The examples that Apple showcased during its keynote were compelling evidence that these upgrades are indeed worthy ones. There's also a front-facing camera integral to Apple's FaceTime videophone app, which works only for communicating between two iPhone 4 handsets.
We got to spend some time playing with the iPhone 4’s two cameras. The rear camera is a 5-megapixel model, up from 3 megapixels on the iPhone 3GS. But megapixels aren’t everything—in fact, the iPhone 3GS camera creates better output than many smartphone cameras with more megapixels. This new camera appears to follow in its predecessor’s footsteps, though we were only able to shoot in a controlled environment in Apple’s demo area. The photos we took looked great in preview mode on the phone; we look forward to doing a more thorough analysis when we get our own iPhone 4 and use it to shoot in more varied environments.
Also new to the rear-facing camera is an LED flash. When you turn the flash on and press the shutter button, the LED flashes once to allow the camera to meter the brightness, and then a second time to take the picture. The results seemed decent, though we’ve learned from other smartphones that an LED flash isn’t always the best choice if there’s enough light to shoot without. Still, for most people the LED flash means that you’ll always be able to take a picture, even if it’s getting pretty dark. (You can set the flash to never fire, always fire, or fire automatically when the camera senses that you need it.)
The iPhone 4’s front-facing camera isn’t a 5-megapixel wonder; it’s a 640-by-480-pixel camera (three-tenths of a megapixel, if you’re curious) designed to be used primarily with the new FaceTime video-chat system, though it will also work well as a way to take self-portraits.
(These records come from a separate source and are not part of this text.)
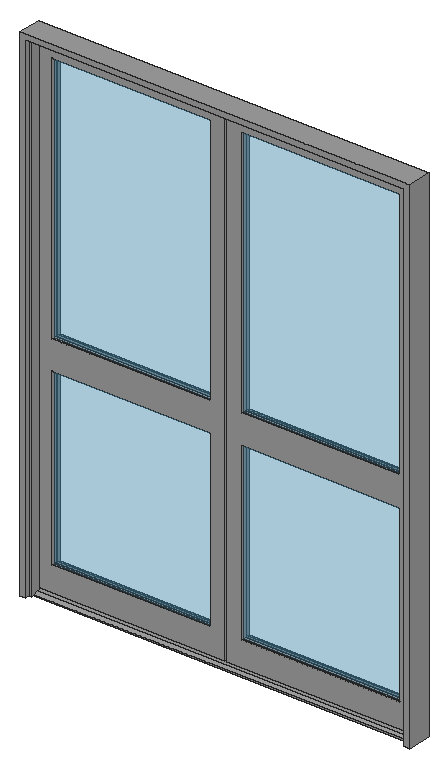
Revit family "NS-212 DOOR-Double-VIP-1-PD-CW_v05", category Curtain Panels, Revit 2015
Parameters
  Width [instance] = 6' - 2"
  VIP 2 Panic Devices [instance] = not(VIP 1 Panic Devices)  # yes
  VIP 1 Panic Devices [instance] = no
  URL = "obe.com"
  Rough Width [instance] = 6' - 0"
  Panel Width [instance] = Min Panel Width  # 6' - 0"
  Panel Offset [instance] = 0' - 0"
  Offset [instance] = 0' - 1"
  Model = "NS-212 DOOR"
  Min Rough Width [instance] = if(Rough Width > 6' 1 255/256", Rough Width, 6' 2")  # 6' - 2"
  Min Panel Width [instance] = if(Rough Width > 6' 1 255/256", Rough Width - 0' 2", 6' 0")  # 6' - 0"
  Manufacturer = "Oldcastle BuildingEnvelope®"
  Keynote = "08 11 00"
  Height [instance] = 8' - 0"
  Pushbar Height [instance] = 3' - 5 1/4"  # constant formula
  Glass Material = Glass
  Frame Material = Aluminum
  Door Panel Height [instance] = Height - 0' 0 15/32"  # 7' - 11 17/32"
  Description = "NS-212 - 1\" Door Infill"
  Assembly Code = "B2030"
  Analytic Construction = "<None>"
  6.5 Bottom Rail [instance] = not([4 Bottom Rail])  # no
  4 Bottom Rail [instance] = yes
Reference planes (in)
  plane 1 "Front": y = 0
  plane 2: z = 0
  plane 3 "Center (Left/Right)": x = 0
  plane 4 "Left": x = -37
  plane 5 "Right": x = 37
  plane 6 "Top": z = 96
  plane 7 "Offset": y = -1
  plane 8: y = -2.28244
  plane 9: y = -2.28244
  plane 10: x = -37
  plane 11: x = 37
Forms (in)
  Sweep 1, solid, material "Aluminum" <- "Frame Material"
    path origin (0, -1, 0) x (-1, 0, 0) y (0, 0, 1)
      loop
        line (37, 0) -> (37, 96)
    profile origin (-37, -1, 48) x (1, 0, 0) y (0, 1, 0)
      loop
        line (1, -1.97) -> (1, 0) -> (0, 0) -> (0, -4.5) -> (1, -4.5) -> (1, -3.595) -> (1.5, -3.595) -> (1.5, -1.97) -> (1, -1.97)
  Sweep 2, solid, material "Aluminum" <- "Frame Material"
    path origin (0, -1, 0) x (-1, 0, 0) y (0, 0, 1)
      loop
        line (-37, 0) -> (-37, 96)
    profile origin (37, -1, 48) x (1, 0, 0) y (0, 1, 0)
      loop
        line (-1, -1.97) -> (-1.5, -1.97) -> (-1.5, -3.595) -> (-1, -3.595) -> (-1, -4.5) -> (0, -4.5) -> (0, 0) -> (-1, 0) -> (-1, -1.97)
  Extrusion 3, solid, material "Aluminum" <- "Frame Material"
    sketch origin (-37, 0, 0) x (0, -1, 0) y (0, 0, 1)
      loop
        line (2.97, 94.5) -> (4.595, 94.5) -> (4.595, 95) -> (5.5, 95) -> (5.5, 96) -> (1, 96) -> (1, 95) -> (2.97, 95) -> (2.97, 94.5)
    from -74 to 0
Cuts and joins
  joined: Sweep 1, Sweep 2, Extrusion 3
Text (in)
  text "Exterior" at (-54.29358, 31.38743, 0), in view "Ref. Level"
  text "Exterior" at (480, 41.53993, 89.60405), in view "Right"
  text "Exterior" at (-240, 57.82419, 105.78864), in view "Left"
Dimensions and locks (in)
  equal spacing: plane 4 "Left", plane 3 "Center (Left/Right)", plane 5 "Right"
  "Width": plane 4 "Left" to plane 5 "Right"
  "Height": plane 6 "Top" to plane 2
  "Offset": plane 1 "Front" to plane 7 "Offset"
  locked: plane 7 "Offset" to plane 8 at 1.28244
  locked: plane 7 "Offset" to plane 9 at 1.28244
  Extrusion 3 sketch curve to Extrusion 3 sketch curve to Extrusion 3 sketch curve = 0' - 0 1/2" locked, 0' - 0" locked
  nested 1 to Extrusion 3 sketch curve to Extrusion 3 sketch curve to Extrusion 3 sketch curve to Extrusion 3 sketch curve = 0' - 9.09525" locked, 0' - 1.97" locked, 0' - 1 5/8" locked, 0' - 0.905" locked
  equal spacing: plane 10, plane 3 "Center (Left/Right)", plane 11
  "Min Rough Width": plane 10 to plane 11
  aligned and locked: level to plane 2
  aligned and locked: plane 3 "Center (Left/Right)" to nested 1
  aligned and locked: plane 6 "Top" to Sweep 1 sketch curve
  aligned and locked: level to Sweep 1 sketch curve
  aligned and locked: plane 6 "Top" to Sweep 2 sketch curve
  aligned and locked: level to Sweep 2 sketch curve
  aligned and locked: Extrusion 3 to plane 6 "Top"
  aligned and locked: Extrusion 3 sketch curve to plane 6 "Top"
  aligned and locked: plane 10 to Sweep 1 sketch curve
  aligned and locked: Sweep 2 sketch curve to plane 11
  aligned and locked: plane 11 to cut or joined group of Sweep 1, Sweep 2, Extrusion 3
  aligned and locked: plane 10 to cut or joined group of Sweep 1, Sweep 2, Extrusion 3
  aligned and locked: nested 1 to plane 7 "Offset"
Automatic sketch dimensions
  Sweep 1 sketch curve to profile plane = 0' - 0"
  Sweep 1 sketch curve to plane 7 "Offset" = 0' - 0"
  Sweep 1 sketch curve to profile plane = 0' - 1"  (x2)
  Sweep 1 sketch curve to Sweep 1 sketch curve = 0' - 0 1/2"
  Sweep 1 sketch curve to plane 7 "Offset" = 0' - 1.97"
  Sweep 1 sketch curve to Sweep 1 sketch curve = 0' - 1 5/8"
  Sweep 1 sketch curve to Sweep 1 sketch curve = 0' - 0.905"
  Sweep 2 sketch curve to plane 7 "Offset" = 0' - 0"
  Sweep 2 sketch curve to profile plane = 0' - 0"
  profile plane to Sweep 2 sketch curve = 0' - 1"  (x2)
  Sweep 2 sketch curve to Sweep 2 sketch curve = 0' - 0 1/2"
  Sweep 2 sketch curve to plane 7 "Offset" = 0' - 1.97"
  Sweep 2 sketch curve to Sweep 2 sketch curve = 0' - 1 5/8"
  Sweep 2 sketch curve to Sweep 2 sketch curve = 0' - 0.905"
  plane 6 "Top" to Extrusion 3 sketch curve = 0' - 1"
Nested families (in)
  nested 1: "NS-212 DOOR-Double-VIP-1-PD-Panel_v04" at (0, -4.90475, 0), Frame Material <- "Frame Material", Glass Material <- "Glass Material", 4 Bottom Rail <- "4 Bottom Rail", Height <- "Door Panel Height", Width <- "Min Panel Width", VIP1 Panic Devices <- "VIP 1 Panic Devices", type "NS-212 DOOR-Double-VIP-1-PD-Panel_v04"
    with Wing Width 3' - 0", built-in parameter 1001301 6' - 0", VIP2 Panic Devices yes, VIP1 Panic Devices no, Pushbar Height 3' - 5 1/4", Offset 0' - 9.09525", built-in parameter 1001300 7' - 11 17/32", Glass at Muntin 0' - 4 15/16", Glass Material Glass, Frame Material Aluminum, Bottom Rail 0' - 5 5/32", 6.5 Bottom Rail no, 4 Bottom Rail yes
Definition of nested family "NS-212 DOOR-Double-VIP-1-PD-Panel_v04"
  Parameters (values of type "NS-212 DOOR-Double-VIP-1-PD-Panel_v04")
    Wing Width [instance] = Width / 2  # 3' - 0"
    Width [instance] = 6' - 0"
    Offset [instance] = 0' - 8 1/32"
    Height [instance] = 8' - 0"
    Glass at Muntin [instance] = if(VIP2 Panic Devices, 0' 4 15/16", 0' 8 15/16")  # 0' - 4 15/16"
    Pushbar Height [instance] = 3' - 5 1/4"  # constant formula
    Glass Material [instance] = none
    Frame Material [instance] = none
    Bottom Rail [instance] = if([4 Bottom Rail], 0' 5 5/32", 0' 7 21/32")  # 0' - 5 5/32"
    VIP2 Panic Devices [instance] = not(VIP1 Panic Devices)  # yes
    VIP1 Panic Devices [instance] = no
    Analytic Construction = "<None>"
    4 Bottom Rail [instance] = yes
    6.5 Bottom Rail [instance] = not([4 Bottom Rail])  # no
  Reference planes (in)
    plane 1 "Center": y = 3.96875
    plane 2: z = 0
    plane 3 "Center (Left/Right)": x = 0
    plane 4: z = 96
    plane 5: x = 36
    plane 6: x = -36
    plane 7 "Center (Front/Back)": y = 13
    plane 8 "Exterior": y = 4.46875
    plane 9: z = 48
    plane 10: z = 92.625
    plane 11: z = 43.71875
    plane 12: z = 38.78125
    plane 13: z = 5.15625
    plane 14 "Offset": y = 4.96875
    plane 15: z = 41.25
  Forms (in)
    Sweep 1, solid, material <- "Frame Material"
      path origin (0, 3.96875, 0) x (1, 0, 0) y (0, 0, 1)
        loop
          line (-35.8285, 96) -> (-0.22004, 96)
      profile origin (-18.02427, 3.96875, 96) x (0, 0, 1) y (0, -1, 0)
        loop
          line (-0.53125, -0.875) -> (-0.53125, 0.875) -> (-3.65625, 0.875) -> (-3.65625, 0.5) -> (-3.375, 0.5) -> (-3.375, -0.5) -> (-3.65625, -0.5) -> (-3.65625, -0.875) -> (-0.53125, -0.875)
    Sweep 2, solid, material <- "Frame Material"
      path origin (0, 4.96875, 0) x (1, 0, 0) y (0, 0, 1)
        loop
          line (-0.22004, 0) -> (-35.56475, 0)
      profile origin (-17.8924, 4.96875, 0) x (0, 0, -1) y (0, -1, 0)
        loop
          line (-5.4375, 0.125) -> (-0.6875, 0.125) -> (-0.6875, 1.875) -> (-5.4375, 1.875) -> (-5.4375, 1.5) -> (-5.15625, 1.5) -> (-5.15625, 0.5) -> (-5.4375, 0.5) -> (-5.4375, 0.125)
    Sweep 3, solid, material <- "Frame Material"
      path origin (0, 3.96875, 0) x (1, 0, 0) y (0, 0, 1)
        loop
          line (36, 95.46875) -> (36, 0.6875)
      profile origin (36, 3.96875, 48.07812) x (0, -1, 0) y (1, 0, 0)
        loop
          line (-0.875, -0.0625) -> (-0.875, -2.9375) -> (-0.5, -2.9375) -> (-0.5, -2.65625) -> (0.5, -2.65625) -> (0.5, -2.9375) -> (0.875, -2.9375) -> (0.875, -0.1715) -> (-0.875, -0.0625)
    Sweep 4, solid, material <- "Frame Material"
      path origin (0, 3.96875, 0) x (1, 0, 0) y (0, 0, 1)
        loop
          line (-36, 95.46875) -> (-36, 0.6875)
      profile origin (-36, 3.96875, 48.07812) x (0, -1, 0) y (1, 0, 0)
        loop
          line (-0.875, 0.0625) -> (0.875, 0.1715) -> (0.875, 2.9375) -> (0.5, 2.9375) -> (0.5, 2.65625) -> (-0.5, 2.65625) -> (-0.5, 2.9375) -> (-0.875, 2.9375) -> (-0.875, 0.0625)
    Sweep 5, solid, material <- "Frame Material"
      path origin (0, 3.96875, 0) x (1, 0, 0) y (0, 0, 1)
        loop
          line (-2.65625, 48) -> (-33.34375, 48)
      profile origin (-18, 3.96875, 48) x (0, 0, -1) y (0, -1, 0)
        loop
          line (9.5, -0.875) -> (9.5, -0.5) -> (9.21875, -0.5) -> (9.21875, 0.5) -> (9.5, 0.5) -> (9.5, 0.875) -> (4, 0.875) -> (4, 0.5) -> (4.28125, 0.5) -> (4.28125, -0.5) -> (4, -0.5) -> (4, -0.875) -> (9.5, -0.875)
    Sweep 6, solid, material <- "Frame Material"
      path origin (0, 3.96875, 0) x (1, 0, 0) y (0, 0, 1)
        loop
          line (0, 95.46875) -> (0, 0.6875)
      profile origin (0, 3.96875, 48.07812) x (0, -1, 0) y (1, 0, 0)
        loop
          line (-0.875, -0.22063) -> (-0.875, -2.9375) -> (-0.5, -2.9375) -> (-0.5, -2.65625) -> (0.5, -2.65625) -> (0.5, -2.9375) -> (0.875, -2.9375) -> (0.875, -0.22063)
          arc (0.875, -0.22063) -> (0, -0.0625) -> (-0.875, -0.22063) r 2.5
        loop
          arc (-0.875, 0.22063) -> (0, 0.0625) -> (0.875, 0.22063) r 2.5
          line (0.875, 0.22063) -> (0.875, 2.9375) -> (0.5, 2.9375) -> (0.5, 2.65625) -> (-0.5, 2.65625) -> (-0.5, 2.9375) -> (-0.875, 2.9375) -> (-0.875, 0.22063)
    Sweep 7, solid, material <- "Frame Material"
      path origin (0, 3.96875, 0) x (1, 0, 0) y (0, 0, 1)
        loop
          line (0.22004, 96) -> (35.8285, 96)
      profile origin (18.02427, 3.96875, 96) x (0, 0, 1) y (0, -1, 0)
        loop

You can flip between the front and rear camera from within the Camera app, as well as when you’re using FaceTime.
FaceTime itself worked great in the demos we saw carried out by Apple’s employees. Video quality in the FaceTime chats seemed somewhat variable; it’s definitely not a high-def video experience, but it doesn’t really need to be. (But as we learned from iChat AV, the real test with video chatting is when you try to start a chat from various and obscure network conditions.) Starting a chat couldn’t be easier, however. You dial a friend with an iPhone 4, and then tap the FaceTime icon in the Phone app to initiate a video call. There’s no app to launch and no buddy list to configure. It’s a very cool idea, though it does make us wonder what will happen when other devices—those without phone numbers, for example—join the FaceTime party.
Once you’re in a FaceTime conversation, you can readily switch between landscape and portrait orientations, or jump back and forth between the iPhone 4’s front- and rear-facing cameras—in case you want to show your conversation partner what you’re looking at. As in iChat on the Mac, there’s a small window that shows what your camera is seeing, and you can drag that pane into any of the screen’s corners.